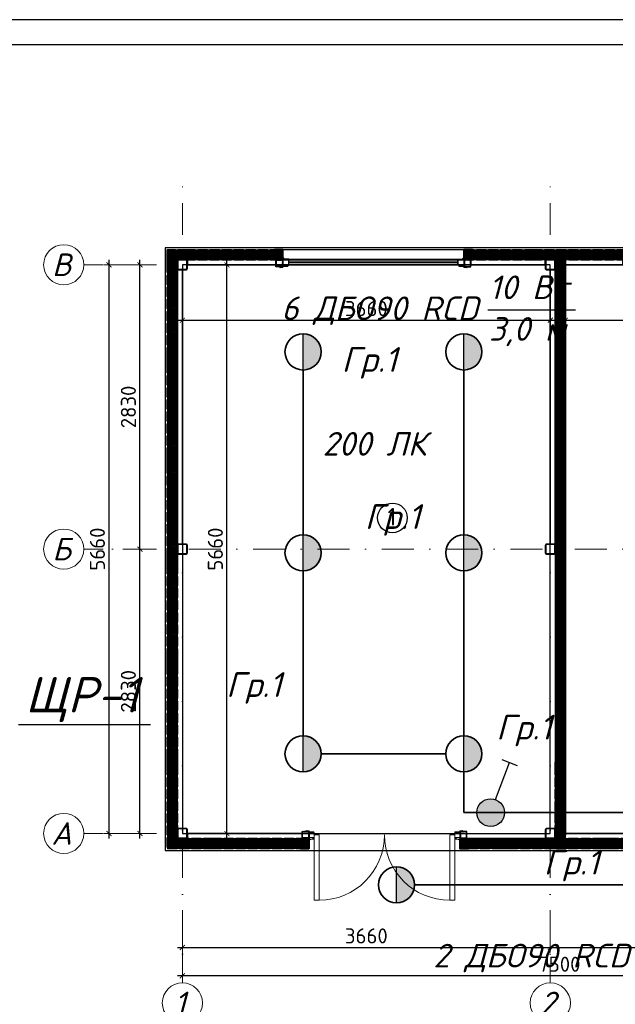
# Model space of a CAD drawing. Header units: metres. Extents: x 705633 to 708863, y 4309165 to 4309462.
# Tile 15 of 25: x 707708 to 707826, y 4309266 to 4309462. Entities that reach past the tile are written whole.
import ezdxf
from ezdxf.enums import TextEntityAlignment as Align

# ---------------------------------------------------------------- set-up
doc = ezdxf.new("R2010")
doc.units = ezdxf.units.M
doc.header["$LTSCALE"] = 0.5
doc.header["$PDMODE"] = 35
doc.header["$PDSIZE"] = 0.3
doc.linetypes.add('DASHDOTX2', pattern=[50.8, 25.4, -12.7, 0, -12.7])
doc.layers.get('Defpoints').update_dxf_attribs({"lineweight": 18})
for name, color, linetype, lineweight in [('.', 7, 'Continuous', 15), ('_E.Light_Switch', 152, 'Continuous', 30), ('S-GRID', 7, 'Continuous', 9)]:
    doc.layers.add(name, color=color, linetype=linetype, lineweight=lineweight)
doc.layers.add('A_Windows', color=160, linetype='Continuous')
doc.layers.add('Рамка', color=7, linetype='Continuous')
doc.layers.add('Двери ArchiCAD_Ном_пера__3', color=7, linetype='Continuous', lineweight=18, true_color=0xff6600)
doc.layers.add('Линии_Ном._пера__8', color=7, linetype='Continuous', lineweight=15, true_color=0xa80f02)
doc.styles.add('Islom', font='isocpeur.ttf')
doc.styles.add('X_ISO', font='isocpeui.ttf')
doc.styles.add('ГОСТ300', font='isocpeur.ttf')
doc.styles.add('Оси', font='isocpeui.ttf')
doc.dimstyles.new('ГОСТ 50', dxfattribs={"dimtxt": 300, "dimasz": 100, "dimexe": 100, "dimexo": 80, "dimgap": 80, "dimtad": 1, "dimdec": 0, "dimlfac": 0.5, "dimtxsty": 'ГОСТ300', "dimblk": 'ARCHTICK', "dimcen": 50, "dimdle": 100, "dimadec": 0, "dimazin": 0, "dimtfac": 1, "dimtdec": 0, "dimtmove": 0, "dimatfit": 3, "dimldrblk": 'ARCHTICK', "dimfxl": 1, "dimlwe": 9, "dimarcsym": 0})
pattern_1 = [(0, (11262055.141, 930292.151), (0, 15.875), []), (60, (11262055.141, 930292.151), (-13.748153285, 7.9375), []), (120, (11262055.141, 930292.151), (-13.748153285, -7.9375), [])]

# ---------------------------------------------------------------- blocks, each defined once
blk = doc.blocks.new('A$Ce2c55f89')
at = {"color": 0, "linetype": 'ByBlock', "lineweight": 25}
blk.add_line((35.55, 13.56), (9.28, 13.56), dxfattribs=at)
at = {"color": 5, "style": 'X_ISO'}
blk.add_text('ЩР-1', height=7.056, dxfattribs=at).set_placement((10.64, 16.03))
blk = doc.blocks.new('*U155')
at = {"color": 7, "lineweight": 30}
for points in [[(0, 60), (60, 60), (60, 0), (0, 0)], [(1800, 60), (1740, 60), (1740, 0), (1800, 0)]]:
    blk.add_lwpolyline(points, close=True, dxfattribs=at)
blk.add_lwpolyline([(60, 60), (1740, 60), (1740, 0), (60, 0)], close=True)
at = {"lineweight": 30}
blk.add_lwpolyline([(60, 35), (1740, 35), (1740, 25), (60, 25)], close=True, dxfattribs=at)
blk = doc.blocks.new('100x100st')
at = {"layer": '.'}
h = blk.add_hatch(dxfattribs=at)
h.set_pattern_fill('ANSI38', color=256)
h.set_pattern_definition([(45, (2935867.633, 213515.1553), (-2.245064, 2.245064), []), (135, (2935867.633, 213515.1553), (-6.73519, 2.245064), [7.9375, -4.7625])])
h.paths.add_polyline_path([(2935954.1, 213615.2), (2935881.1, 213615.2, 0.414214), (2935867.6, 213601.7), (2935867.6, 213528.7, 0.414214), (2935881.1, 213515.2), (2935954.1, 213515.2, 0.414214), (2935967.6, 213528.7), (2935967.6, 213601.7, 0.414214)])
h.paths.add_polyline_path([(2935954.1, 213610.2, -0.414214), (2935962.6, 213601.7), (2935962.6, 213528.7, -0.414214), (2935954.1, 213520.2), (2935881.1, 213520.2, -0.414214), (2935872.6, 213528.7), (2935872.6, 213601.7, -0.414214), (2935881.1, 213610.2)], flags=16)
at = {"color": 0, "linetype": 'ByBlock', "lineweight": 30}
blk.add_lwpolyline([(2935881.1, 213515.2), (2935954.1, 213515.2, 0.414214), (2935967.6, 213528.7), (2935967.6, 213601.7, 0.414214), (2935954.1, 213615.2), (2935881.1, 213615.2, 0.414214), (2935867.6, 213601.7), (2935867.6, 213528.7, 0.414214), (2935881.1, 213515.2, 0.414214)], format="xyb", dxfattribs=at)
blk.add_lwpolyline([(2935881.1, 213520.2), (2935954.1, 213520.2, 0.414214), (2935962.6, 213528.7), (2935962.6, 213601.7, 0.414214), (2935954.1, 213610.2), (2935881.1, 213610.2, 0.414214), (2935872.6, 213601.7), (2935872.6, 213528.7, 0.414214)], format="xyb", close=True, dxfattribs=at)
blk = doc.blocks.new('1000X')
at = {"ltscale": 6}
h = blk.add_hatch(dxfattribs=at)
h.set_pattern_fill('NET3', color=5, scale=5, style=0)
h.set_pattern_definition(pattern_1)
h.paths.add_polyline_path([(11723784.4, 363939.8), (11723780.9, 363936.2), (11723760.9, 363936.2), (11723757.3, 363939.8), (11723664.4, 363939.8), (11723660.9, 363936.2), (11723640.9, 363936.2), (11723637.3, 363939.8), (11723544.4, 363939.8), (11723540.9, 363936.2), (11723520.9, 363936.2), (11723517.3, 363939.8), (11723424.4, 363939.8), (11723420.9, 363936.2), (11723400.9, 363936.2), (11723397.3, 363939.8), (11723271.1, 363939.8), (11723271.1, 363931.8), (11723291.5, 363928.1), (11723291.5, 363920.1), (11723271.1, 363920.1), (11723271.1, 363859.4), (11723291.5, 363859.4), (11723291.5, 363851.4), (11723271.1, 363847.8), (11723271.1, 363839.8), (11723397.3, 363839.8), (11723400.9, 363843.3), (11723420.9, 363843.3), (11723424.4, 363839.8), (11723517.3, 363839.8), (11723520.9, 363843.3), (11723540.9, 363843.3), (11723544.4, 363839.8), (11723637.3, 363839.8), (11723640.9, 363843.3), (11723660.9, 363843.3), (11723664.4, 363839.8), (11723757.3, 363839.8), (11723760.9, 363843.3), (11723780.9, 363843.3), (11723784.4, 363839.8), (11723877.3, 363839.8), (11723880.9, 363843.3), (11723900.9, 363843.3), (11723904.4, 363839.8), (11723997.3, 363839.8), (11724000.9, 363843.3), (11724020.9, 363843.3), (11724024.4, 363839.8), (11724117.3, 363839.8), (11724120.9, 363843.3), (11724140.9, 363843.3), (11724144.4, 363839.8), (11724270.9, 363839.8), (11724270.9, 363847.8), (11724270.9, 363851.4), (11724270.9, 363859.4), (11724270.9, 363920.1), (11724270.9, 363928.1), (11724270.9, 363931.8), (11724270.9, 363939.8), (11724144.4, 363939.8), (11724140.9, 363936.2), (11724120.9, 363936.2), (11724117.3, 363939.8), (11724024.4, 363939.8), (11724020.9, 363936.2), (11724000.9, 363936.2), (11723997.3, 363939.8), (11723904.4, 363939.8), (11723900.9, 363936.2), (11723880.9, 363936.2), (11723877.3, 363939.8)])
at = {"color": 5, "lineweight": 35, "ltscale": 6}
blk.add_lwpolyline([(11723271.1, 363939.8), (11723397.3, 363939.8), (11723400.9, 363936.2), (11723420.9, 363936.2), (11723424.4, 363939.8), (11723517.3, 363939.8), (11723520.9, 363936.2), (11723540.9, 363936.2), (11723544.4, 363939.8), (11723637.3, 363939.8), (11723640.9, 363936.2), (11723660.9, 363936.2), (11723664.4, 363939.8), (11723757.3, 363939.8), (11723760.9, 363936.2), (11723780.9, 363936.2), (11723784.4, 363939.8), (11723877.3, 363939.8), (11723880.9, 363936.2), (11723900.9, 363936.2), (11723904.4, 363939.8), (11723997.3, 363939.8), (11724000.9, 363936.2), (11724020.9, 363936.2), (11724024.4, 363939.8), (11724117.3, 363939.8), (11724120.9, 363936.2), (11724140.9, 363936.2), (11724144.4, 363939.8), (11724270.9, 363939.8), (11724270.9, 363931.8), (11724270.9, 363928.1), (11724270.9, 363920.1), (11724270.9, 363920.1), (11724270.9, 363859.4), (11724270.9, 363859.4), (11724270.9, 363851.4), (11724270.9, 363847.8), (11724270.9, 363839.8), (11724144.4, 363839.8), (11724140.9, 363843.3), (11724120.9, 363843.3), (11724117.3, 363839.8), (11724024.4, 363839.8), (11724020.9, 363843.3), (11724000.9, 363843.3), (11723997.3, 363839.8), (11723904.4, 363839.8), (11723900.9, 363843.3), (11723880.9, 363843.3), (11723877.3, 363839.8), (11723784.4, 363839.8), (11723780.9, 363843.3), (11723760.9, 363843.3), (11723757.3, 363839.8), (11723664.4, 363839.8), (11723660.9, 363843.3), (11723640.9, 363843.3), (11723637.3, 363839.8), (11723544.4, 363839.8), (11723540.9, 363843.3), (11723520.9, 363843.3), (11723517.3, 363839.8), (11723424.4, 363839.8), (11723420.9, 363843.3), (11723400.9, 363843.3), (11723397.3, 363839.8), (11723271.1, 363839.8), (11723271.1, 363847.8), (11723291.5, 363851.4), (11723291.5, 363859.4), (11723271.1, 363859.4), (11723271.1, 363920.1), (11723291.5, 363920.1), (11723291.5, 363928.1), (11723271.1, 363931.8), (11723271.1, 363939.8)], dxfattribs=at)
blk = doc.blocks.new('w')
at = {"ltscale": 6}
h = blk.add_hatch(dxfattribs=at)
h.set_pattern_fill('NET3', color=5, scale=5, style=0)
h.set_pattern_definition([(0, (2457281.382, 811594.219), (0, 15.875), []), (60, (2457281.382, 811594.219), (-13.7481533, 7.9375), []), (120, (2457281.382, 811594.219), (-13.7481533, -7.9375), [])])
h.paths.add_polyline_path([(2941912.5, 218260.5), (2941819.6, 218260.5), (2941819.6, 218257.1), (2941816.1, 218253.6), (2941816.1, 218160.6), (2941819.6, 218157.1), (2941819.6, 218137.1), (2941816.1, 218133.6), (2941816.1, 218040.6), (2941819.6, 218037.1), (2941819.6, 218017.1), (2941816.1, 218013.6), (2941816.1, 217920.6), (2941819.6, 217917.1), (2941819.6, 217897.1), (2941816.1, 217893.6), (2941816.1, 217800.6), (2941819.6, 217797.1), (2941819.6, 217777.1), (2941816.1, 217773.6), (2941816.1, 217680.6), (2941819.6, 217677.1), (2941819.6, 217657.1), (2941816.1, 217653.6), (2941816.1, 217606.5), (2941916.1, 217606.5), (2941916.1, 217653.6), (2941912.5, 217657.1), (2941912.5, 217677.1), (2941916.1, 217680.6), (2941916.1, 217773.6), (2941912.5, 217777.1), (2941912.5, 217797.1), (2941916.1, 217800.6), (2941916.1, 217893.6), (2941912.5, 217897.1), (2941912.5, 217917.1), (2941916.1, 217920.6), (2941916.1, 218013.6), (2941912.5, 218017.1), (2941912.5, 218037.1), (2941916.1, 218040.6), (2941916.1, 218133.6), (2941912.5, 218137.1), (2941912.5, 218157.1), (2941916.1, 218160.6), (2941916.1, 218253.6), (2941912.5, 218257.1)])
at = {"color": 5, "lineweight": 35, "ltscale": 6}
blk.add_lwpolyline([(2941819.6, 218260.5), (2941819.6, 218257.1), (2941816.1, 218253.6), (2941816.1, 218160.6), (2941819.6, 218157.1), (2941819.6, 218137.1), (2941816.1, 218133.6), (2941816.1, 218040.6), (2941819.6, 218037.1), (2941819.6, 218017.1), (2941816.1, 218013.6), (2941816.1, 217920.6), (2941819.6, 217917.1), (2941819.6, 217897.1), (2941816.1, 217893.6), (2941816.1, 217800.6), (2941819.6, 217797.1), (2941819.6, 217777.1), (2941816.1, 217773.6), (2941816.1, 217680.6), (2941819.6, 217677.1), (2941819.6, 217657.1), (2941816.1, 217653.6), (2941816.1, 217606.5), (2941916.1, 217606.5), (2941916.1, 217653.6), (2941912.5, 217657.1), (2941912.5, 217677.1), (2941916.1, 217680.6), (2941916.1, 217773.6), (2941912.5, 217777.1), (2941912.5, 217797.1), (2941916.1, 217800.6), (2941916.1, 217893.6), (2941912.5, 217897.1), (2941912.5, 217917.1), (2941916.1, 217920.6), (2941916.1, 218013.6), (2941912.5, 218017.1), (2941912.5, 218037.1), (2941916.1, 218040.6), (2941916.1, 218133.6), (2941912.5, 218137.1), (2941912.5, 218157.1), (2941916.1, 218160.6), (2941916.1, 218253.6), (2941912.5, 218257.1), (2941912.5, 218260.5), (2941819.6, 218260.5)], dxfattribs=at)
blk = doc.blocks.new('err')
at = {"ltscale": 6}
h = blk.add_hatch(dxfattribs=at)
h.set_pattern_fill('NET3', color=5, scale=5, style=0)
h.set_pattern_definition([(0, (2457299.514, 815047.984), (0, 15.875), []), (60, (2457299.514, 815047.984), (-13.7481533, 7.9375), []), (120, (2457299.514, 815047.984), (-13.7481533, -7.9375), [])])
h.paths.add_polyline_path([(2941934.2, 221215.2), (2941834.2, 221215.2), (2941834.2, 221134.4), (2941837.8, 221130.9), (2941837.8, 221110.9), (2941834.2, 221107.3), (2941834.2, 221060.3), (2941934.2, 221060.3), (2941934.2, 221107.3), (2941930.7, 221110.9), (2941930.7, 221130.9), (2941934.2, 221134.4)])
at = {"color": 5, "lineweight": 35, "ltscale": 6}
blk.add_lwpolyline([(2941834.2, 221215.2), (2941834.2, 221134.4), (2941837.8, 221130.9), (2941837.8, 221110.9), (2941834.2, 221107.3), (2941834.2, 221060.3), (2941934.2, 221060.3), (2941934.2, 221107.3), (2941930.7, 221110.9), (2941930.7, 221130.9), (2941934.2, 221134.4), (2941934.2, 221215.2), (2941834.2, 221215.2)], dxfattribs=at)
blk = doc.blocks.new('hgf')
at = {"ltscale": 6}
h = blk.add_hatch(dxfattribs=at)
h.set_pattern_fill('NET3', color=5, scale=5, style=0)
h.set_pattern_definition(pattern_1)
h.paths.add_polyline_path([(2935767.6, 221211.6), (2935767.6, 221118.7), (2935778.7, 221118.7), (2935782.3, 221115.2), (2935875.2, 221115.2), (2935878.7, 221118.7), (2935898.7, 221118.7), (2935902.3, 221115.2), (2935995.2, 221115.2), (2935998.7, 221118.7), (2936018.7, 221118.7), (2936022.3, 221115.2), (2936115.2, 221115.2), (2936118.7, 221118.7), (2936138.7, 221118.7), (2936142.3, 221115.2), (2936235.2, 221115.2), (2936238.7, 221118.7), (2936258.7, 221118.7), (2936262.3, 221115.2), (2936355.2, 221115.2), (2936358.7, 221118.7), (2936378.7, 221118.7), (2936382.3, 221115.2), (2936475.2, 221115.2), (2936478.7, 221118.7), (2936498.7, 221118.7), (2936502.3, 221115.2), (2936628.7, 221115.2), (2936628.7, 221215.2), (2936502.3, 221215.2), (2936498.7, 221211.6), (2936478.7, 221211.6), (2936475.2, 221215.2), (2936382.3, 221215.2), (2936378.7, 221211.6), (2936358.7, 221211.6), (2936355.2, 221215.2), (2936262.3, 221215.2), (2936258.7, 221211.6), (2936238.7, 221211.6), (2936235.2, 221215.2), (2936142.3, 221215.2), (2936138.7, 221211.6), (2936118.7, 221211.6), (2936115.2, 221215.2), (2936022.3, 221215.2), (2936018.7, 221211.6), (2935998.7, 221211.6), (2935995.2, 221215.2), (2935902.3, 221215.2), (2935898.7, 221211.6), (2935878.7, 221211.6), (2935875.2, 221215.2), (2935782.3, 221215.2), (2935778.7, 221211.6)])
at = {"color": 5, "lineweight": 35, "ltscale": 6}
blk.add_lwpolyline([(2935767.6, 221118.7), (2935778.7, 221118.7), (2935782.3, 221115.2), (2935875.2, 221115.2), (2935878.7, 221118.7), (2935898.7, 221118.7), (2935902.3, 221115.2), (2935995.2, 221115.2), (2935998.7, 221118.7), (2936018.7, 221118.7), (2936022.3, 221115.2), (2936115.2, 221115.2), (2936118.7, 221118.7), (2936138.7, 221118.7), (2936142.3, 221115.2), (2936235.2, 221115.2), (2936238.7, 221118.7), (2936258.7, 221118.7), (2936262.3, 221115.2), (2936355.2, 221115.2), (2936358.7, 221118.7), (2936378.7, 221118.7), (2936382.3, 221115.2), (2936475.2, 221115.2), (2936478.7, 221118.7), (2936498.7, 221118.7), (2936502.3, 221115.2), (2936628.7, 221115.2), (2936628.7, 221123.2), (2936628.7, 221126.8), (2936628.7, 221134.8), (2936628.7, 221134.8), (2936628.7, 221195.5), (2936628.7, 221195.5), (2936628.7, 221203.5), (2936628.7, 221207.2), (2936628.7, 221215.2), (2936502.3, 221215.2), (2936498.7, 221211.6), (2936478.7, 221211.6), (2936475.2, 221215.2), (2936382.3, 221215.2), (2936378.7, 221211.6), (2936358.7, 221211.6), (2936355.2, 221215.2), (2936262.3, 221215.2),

__________

EXERCISE DIRECTIONS: Go through the listing above. Show each line where the word "close" is found.

ANSWER TO THE PROBLEM:
    blk.add_lwpolyline(points, close=True, dxfattribs=at)
blk.add_lwpolyline([(60, 60), (1740, 60), (1740, 0), (60, 0)], close=True)
blk.add_lwpolyline([(60, 35), (1740, 35), (1740, 25), (60, 25)], close=True, dxfattribs=at)
blk.add_lwpolyline([(2935881.1, 213520.2), (2935954.1, 213520.2, 0.414214), (2935962.6, 213528.7), (2935962.6, 213601.7, 0.414214), (2935954.1, 213610.2), (2935881.1, 213610.2, 0.414214), (2935872.6, 213601.7), (2935872.6, 213528.7, 0.414214)], format="xyb", close=True, dxfattribs=at)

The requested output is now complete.